Stolen rzr near Lydia Louisiana if you have any information on the worthless individuals that stole this rzr let me know by either message or call or text (337) 552-1044


----------



## brutelaws29.5 (Apr 10, 2011)

I'd rather be in the mud then using tap talk right now


----------



## brutelaws29.5 (Apr 10, 2011)

It's been found 




I'd rather be in the mud then using tap talk right now


----------



## 02KODIAK400 (May 16, 2012)

got lucky on the quick find cause somebody was probably bout to tear it all to pieces and have them a part out


----------



## 10txram (Jan 26, 2013)

brutelaws29.5 said:


> It's been found
> 
> 
> 
> ...



What was the story on it?


----------



## bruteforce3 (Apr 20, 2012)

Glad to hear you got it back


----------



## brutelaws29.5 (Apr 10, 2011)

It was in a friends shed chained to a pole somebody broke into the shed and cut the chain cut the wires on the ignition switch and drive off with it after pulling it away from the house the authorities were calle in the morning when he noticed his shed door left open and after a full day of lookin he went make one more pass in the woods behind his house on his 420 and he came across it the rzr is in good condition still besides the ignition switch but there's something wrong with the clutch or belt it doesn't pull under load anymore we have to dig into it to find out what's wrong but good thing is its back the police did get prints off the bike and are perusing some leads on who stole it hopefully we find him before the law does 




I'd rather be in the mud then using tap talk right now


----------



## 2010Bruterider (Jun 20, 2010)

I hope you find them first myself.

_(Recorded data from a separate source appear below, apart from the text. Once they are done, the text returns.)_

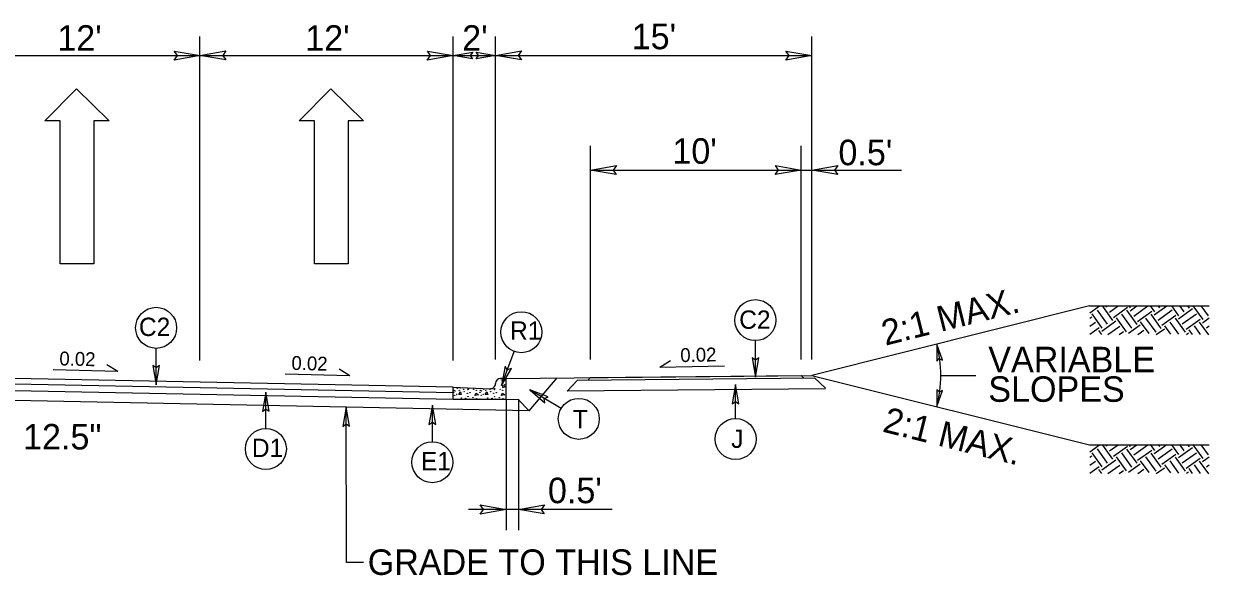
# Model space of a CAD drawing. Extents: x 3025871 to 3026431, y 707165 to 707825.
# Drawn here: x 3026374.6 to 3026430.8, y 707593.8 to 707619.9 of the extents above; entities that cross this region are included whole.
import ezdxf

# ---------------------------------------------------------------- set-up
doc = ezdxf.new("R2010")
doc.units = 0
for name, color, linetype in [('Prop Drainage Structure Junction Box with Manhole CELL', 7, 'Continuous'), ('Prop Drainage Structure Junction Box with Slab Lid TB 840 34 CELL', 7, 'Continuous'), ('Prop Drainage Structure Plot Symbol 50 Scale', 7, 'Continuous'), ('Prop Pavement Schedule Description CELL', 7, 'Continuous'), ('Sheet Data Field CELL', 7, 'Continuous'), ('Sheet Plot Border Inside CELL', 7, 'Continuous'), ('Sheet Sticker Incomplete CELL', 7, 'Continuous'), ('Sheet Typical CELL', 7, 'Continuous'), ('Typical Arrow Superelevation CELL', 7, 'Continuous'), ('Typical Grade Point Symbol CELL', 7, 'Continuous'), ('Typical Text Centerline CELL', 7, 'Continuous'), ('Typical Text Grade Point CELL', 7, 'Continuous')]:
    doc.layers.add(name, color=color, linetype=linetype)

msp = doc.modelspace()

# ---------------------------------------------------------------- linework, layer by layer
at = {"layer": 'Prop Drainage Structure Junction Box with Manhole CELL'}
msp.add_line((3026398.531, 707601.603), (3026368.422, 707602.206), dxfattribs=at)
at = {"layer": 'Prop Drainage Structure Junction Box with Slab Lid TB 840 34 CELL'}
for p, q in [((3026382.912, 707603.988), (3026382.912, 707619.333)), ((3026394.92, 707603.988), (3026394.92, 707619.333)), ((3026396.929, 707604.029), (3026396.929, 707619.333)), ((3026411.929, 707604.029), (3026411.929, 707619.333)), ((3026327.902, 707618.441), (3026394.92, 707618.441)), ((3026394.92, 707618.441), (3026411.929, 707618.441)), ((3026401.429, 707604.029), (3026401.429, 707614.159)), ((3026411.429, 707604.029), (3026411.429, 707614.159)), ((3026401.429, 707613.011), (3026416.186, 707613.011)), ((3026418.044, 707603.278), (3026419.7, 707603.278)), ((3026397.429, 707602.132), (3026397.429, 707595.934)), ((3026398.014, 707602.144), (3026398.014, 707595.934)), ((3026402.462, 707596.924), (3026395.642, 707596.924)), ((3026390.664, 707594.41), (3026389.854, 707594.41))]:
    msp.add_line(p, q, dxfattribs=at)
msp.add_arc((3026411.929, 707603.278), 6.116, 345.9638, 14.0362, dxfattribs=at)
at = {"layer": 'Prop Drainage Structure Plot Symbol 50 Scale'}
for p, q in [((3026396.927, 707602.885), (3026396.927, 707602.895)), ((3026397.429, 707603.136), (3026397.168, 707603.136)), ((3026397.429, 707602.132), (3026397.429, 707603.136)), ((3026394.92, 707602.132), (3026394.92, 707602.717)), ((3026394.92, 707602.717), (3026396.677, 707602.644)), ((3026395.182, 707602.373), (3026395.269, 707602.493)), ((3026395.303, 707602.379), (3026395.182, 707602.373)), ((3026395.269, 707602.493), (3026395.303, 707602.379)), ((3026395.95, 707602.321), (3026396.013, 707602.436)), ((3026396.116, 707602.361), (3026395.95, 707602.321)), ((3026396.013, 707602.436), (3026396.116, 707602.361)), ((3026396.436, 707602.373), (3026396.522, 707602.493)), ((3026396.556, 707602.379), (3026396.436, 707602.373)), ((3026396.522, 707602.493), (3026396.556, 707602.379)), ((3026397.203, 707602.321), (3026397.266, 707602.436)), ((3026397.37, 707602.361), (3026397.203, 707602.321)), ((3026397.238, 707602.801), (3026397.255, 707602.71)), ((3026397.393, 707602.756), (3026397.238, 707602.801)), ((3026397.255, 707602.71), (3026397.393, 707602.756)), ((3026397.266, 707602.436), (3026397.37, 707602.361)), ((3026397.429, 707602.132), (3026394.92, 707602.132))]:
    msp.add_line(p, q, dxfattribs=at)
for centre in [(3026397.198, 707603.06), (3026397.416, 707603.025), (3026394.937, 707602.47), (3026394.954, 707602.568), (3026394.994, 707602.327), (3026395.01, 707602.533), (3026395.091, 707602.373), (3026395.119, 707602.659), (3026395.217, 707602.573), (3026395.263, 707602.676), (3026395.412, 707602.613), (3026395.44, 707602.511), (3026395.589, 707602.425), (3026395.618, 707602.597), (3026395.635, 707602.647), (3026395.715, 707602.453), (3026395.893, 707602.619), (3026396.013, 707602.568), (3026396.191, 707602.47), (3026396.208, 707602.568), (3026396.248, 707602.327), (3026396.264, 707602.533), (3026396.344, 707602.373), (3026396.373, 707602.616), (3026396.47, 707602.573), (3026396.665, 707602.613), (3026396.694, 707602.511), (3026396.843, 707602.425), (3026396.871, 707602.597), (3026396.889, 707602.647), (3026396.969, 707602.453), (3026397.146, 707602.619), (3026397.267, 707602.568), (3026397.364, 707602.842), (3026394.931, 707602.161), (3026395.142, 707602.138), (3026395.303, 707602.207), (3026395.509, 707602.184), (3026395.623, 707602.27), (3026395.681, 707602.155), (3026395.858, 707602.218), (3026396.03, 707602.178), (3026396.185, 707602.161), (3026396.396, 707602.138), (3026396.556, 707602.207), (3026396.763, 707602.184), (3026396.877, 707602.27), (3026396.934, 707602.155), (3026397.112, 707602.218), (3026397.284, 707602.178)]:
    msp.add_circle(centre, 0.00805, dxfattribs=at)
for centre, start, end in [((3026396.687, 707602.885), 267.6155, 0), ((3026397.168, 707602.895), 90, 180)]:
    msp.add_arc(centre, 0.24, start, end, dxfattribs=at)
at = {"layer": 'Prop Pavement Schedule Description CELL'}
for p, q in [((3026394.92, 707602.717), (3026370.912, 707603.198)), ((3026370.913, 707602.948), (3026394.92, 707602.467)), ((3026400.812, 707603.044), (3026400.322, 707602.534)), ((3026400.812, 707603.044), (3026412.062, 707603.154)), ((3026401.429, 707603.175), (3026401.307, 707603.049)), ((3026401.429, 707603.175), (3026411.429, 707603.273)), ((3026411.429, 707603.273), (3026411.557, 707603.149)), ((3026412.057, 707603.159), (3026412.572, 707602.664)), ((3026394.921, 707602.134), (3026370.916, 707602.614)), ((3026400.327, 707602.539), (3026412.577, 707602.659))]:
    msp.add_line(p, q, dxfattribs=at)
at = {"layer": 'Sheet Data Field CELL'}
for p, q in [((3026375.555, 707615.338), (3026377.054, 707616.862)), ((3026377.054, 707616.862), (3026378.601, 707615.338)), ((3026387.614, 707615.338), (3026389.113, 707616.862)), ((3026389.113, 707616.862), (3026390.66, 707615.338)), ((3026376.28, 707615.338), (3026375.555, 707615.338)), ((3026376.28, 707608.568), (3026376.28, 707615.338)), ((3026378.601, 707615.338), (3026377.876, 707615.338)), ((3026377.876, 707615.338), (3026377.876, 707608.568)), ((3026388.339, 707615.338), (3026387.614, 707615.338)), ((3026388.339, 707608.568), (3026388.339, 707615.338)), ((3026390.66, 707615.338), (3026389.935, 707615.338)), ((3026389.935, 707615.338), (3026389.935, 707608.568)), ((3026377.876, 707608.568), (3026376.28, 707608.568)), ((3026389.935, 707608.568), (3026388.339, 707608.568))]:
    msp.add_line(p, q, dxfattribs=at)
at = {"layer": 'Sheet Plot Border Inside CELL'}
msp.add_line((3026398.014, 707602.12), (3026397.429, 707602.132), dxfattribs=at)
at = {"layer": 'Sheet Sticker Incomplete CELL'}
for p, q in [((3026404.716, 707603.67), (3026405.232, 707603.982)), ((3026379.015, 707603.465), (3026375.947, 707603.542)), ((3026379.015, 707603.465), (3026378.501, 707603.779)), ((3026390.019, 707603.254), (3026389.506, 707603.568)), ((3026404.716, 707603.67), (3026407.784, 707603.732)), ((3026390.019, 707603.254), (3026386.952, 707603.33))]:
    msp.add_line(p, q, dxfattribs=at)
at = {"layer": 'Sheet Typical CELL'}
for p, q in [((3026397.429, 707603.136), (3026411.929, 707603.278)), ((3026398.531, 707601.603), (3026399.854, 707603.159)), ((3026398.014, 707602.12), (3026398.531, 707601.603))]:
    msp.add_line(p, q, dxfattribs=at)
at = {"layer": 'Typical Grade Point Symbol CELL'}
for p, q in [((3026380.834, 707602.835), (3026380.833, 707604.559)), ((3026409.254, 707603.199), (3026409.253, 707604.923)), ((3026397.206, 707602.801), (3026397.813, 707604.415)), ((3026386.035, 707600.76), (3026386.034, 707602.485)), ((3026400.04, 707601.712), (3026398.555, 707602.588)), ((3026408.314, 707601.23), (3026408.313, 707602.845)), ((3026389.854, 707594.41), (3026389.849, 707601.777)), ((3026393.933, 707600.135), (3026393.932, 707601.86))]:
    msp.add_line(p, q, dxfattribs=at)
for centre in [(3026409.253, 707605.895), (3026380.833, 707605.531), (3026398.155, 707605.325), (3026400.877, 707601.217), (3026408.314, 707600.258), (3026386.035, 707599.788), (3026393.933, 707599.163)]:
    msp.add_circle(centre, 0.972, dxfattribs=at)
at = {"layer": 'Typical Text Centerline CELL'}
for points in [[(3026381.688, 707618.652), (3026382.913, 707618.441), (3026381.681, 707618.223), (3026381.838, 707618.441)], [(3026384.138, 707618.23), (3026382.912, 707618.441), (3026384.144, 707618.659), (3026383.988, 707618.441)], [(3026393.696, 707618.652), (3026394.921, 707618.441), (3026393.689, 707618.223), (3026393.846, 707618.441)], [(3026395.839, 707618.283), (3026394.92, 707618.441), (3026395.844, 707618.604), (3026395.727, 707618.441)], [(3026396.01, 707618.599), (3026396.929, 707618.441), (3026396.005, 707618.278), (3026396.123, 707618.441)], [(3026398.154, 707618.23), (3026396.929, 707618.441), (3026398.16, 707618.659), (3026398.004, 707618.441)], [(3026410.703, 707618.652), (3026411.929, 707618.441), (3026410.697, 707618.223), (3026410.853, 707618.441)], [(3026402.654, 707612.8), (3026401.429, 707613.011), (3026402.66, 707613.228), (3026402.504, 707613.011)], [(3026410.203, 707613.222), (3026411.429, 707613.011), (3026410.197, 707612.793), (3026410.353, 707613.011)], [(3026413.154, 707612.8), (3026411.929, 707613.011), (3026413.16, 707613.228), (3026413.004, 707613.011)], [(3026418.125, 707604.004), (3026417.861, 707604.761), (3026417.853, 707603.955), (3026417.975, 707604.077)], [(3026409.097, 707604.108), (3026409.254, 707603.199), (3026409.415, 707604.114), (3026409.253, 707603.997)], [(3026380.677, 707603.744), (3026380.834, 707602.835), (3026380.995, 707603.75), (3026380.834, 707603.633)], [(3026397.379, 707603.707), (3026397.206, 707602.801), (3026397.679, 707603.6), (3026397.487, 707603.548)], [(3026386.191, 707601.575), (3026386.034, 707602.485), (3026385.873, 707601.57), (3026386.034, 707601.686)], [(3026399.418, 707602.261), (3026398.555, 707602.588), (3026399.26, 707601.984), (3026399.242, 707602.182)], [(3026408.47, 707601.936), (3026408.313, 707602.845), (3026408.152, 707601.931), (3026408.313, 707602.047)], [(3026417.858, 707602.596), (3026417.861, 707601.795), (3026418.131, 707602.555), (3026417.976, 707602.479)], [(3026390.006, 707600.868), (3026389.849, 707601.777), (3026389.688, 707600.862), (3026389.85, 707600.979)], [(3026394.089, 707600.95), (3026393.932, 707601.86), (3026393.771, 707600.945), (3026393.932, 707601.062)], [(3026396.205, 707597.135), (3026397.43, 707596.924), (3026396.198, 707596.706), (3026396.355, 707596.924)], [(3026399.239, 707596.713), (3026398.014, 707596.924), (3026399.246, 707597.142), (3026399.09, 707596.924)]]:
    msp.add_lwpolyline(points, close=True, dxfattribs=at)
at = {"layer": 'Typical Text Grade Point CELL'}
for p, q in [((3026425.094, 707606.569), (3026411.929, 707603.278)), ((3026425.094, 707606.569), (3026430.778, 707606.569)), ((3026425.094, 707606.569), (3026430.778, 707606.569)), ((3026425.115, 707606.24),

I hate a Dang thief! I'm glad you got it back. I'd start by putting all the wires back together at the ignition switch. The wires being cut may have put it in limp mode. Congrats on finding it. 

----that is all---


----------



## duckincrazy92 (May 24, 2011)

I'm glad you found it. That don't happen around here. If you find him ou ought to chain him behind the razr and drag him through town


----------



## bruteguy750 (Oct 25, 2012)

duckincrazy92 said:


> I'm glad you found it. That don't happen around here. If you find him ou ought to chain him behind the razr and drag him through town


Touche'


----------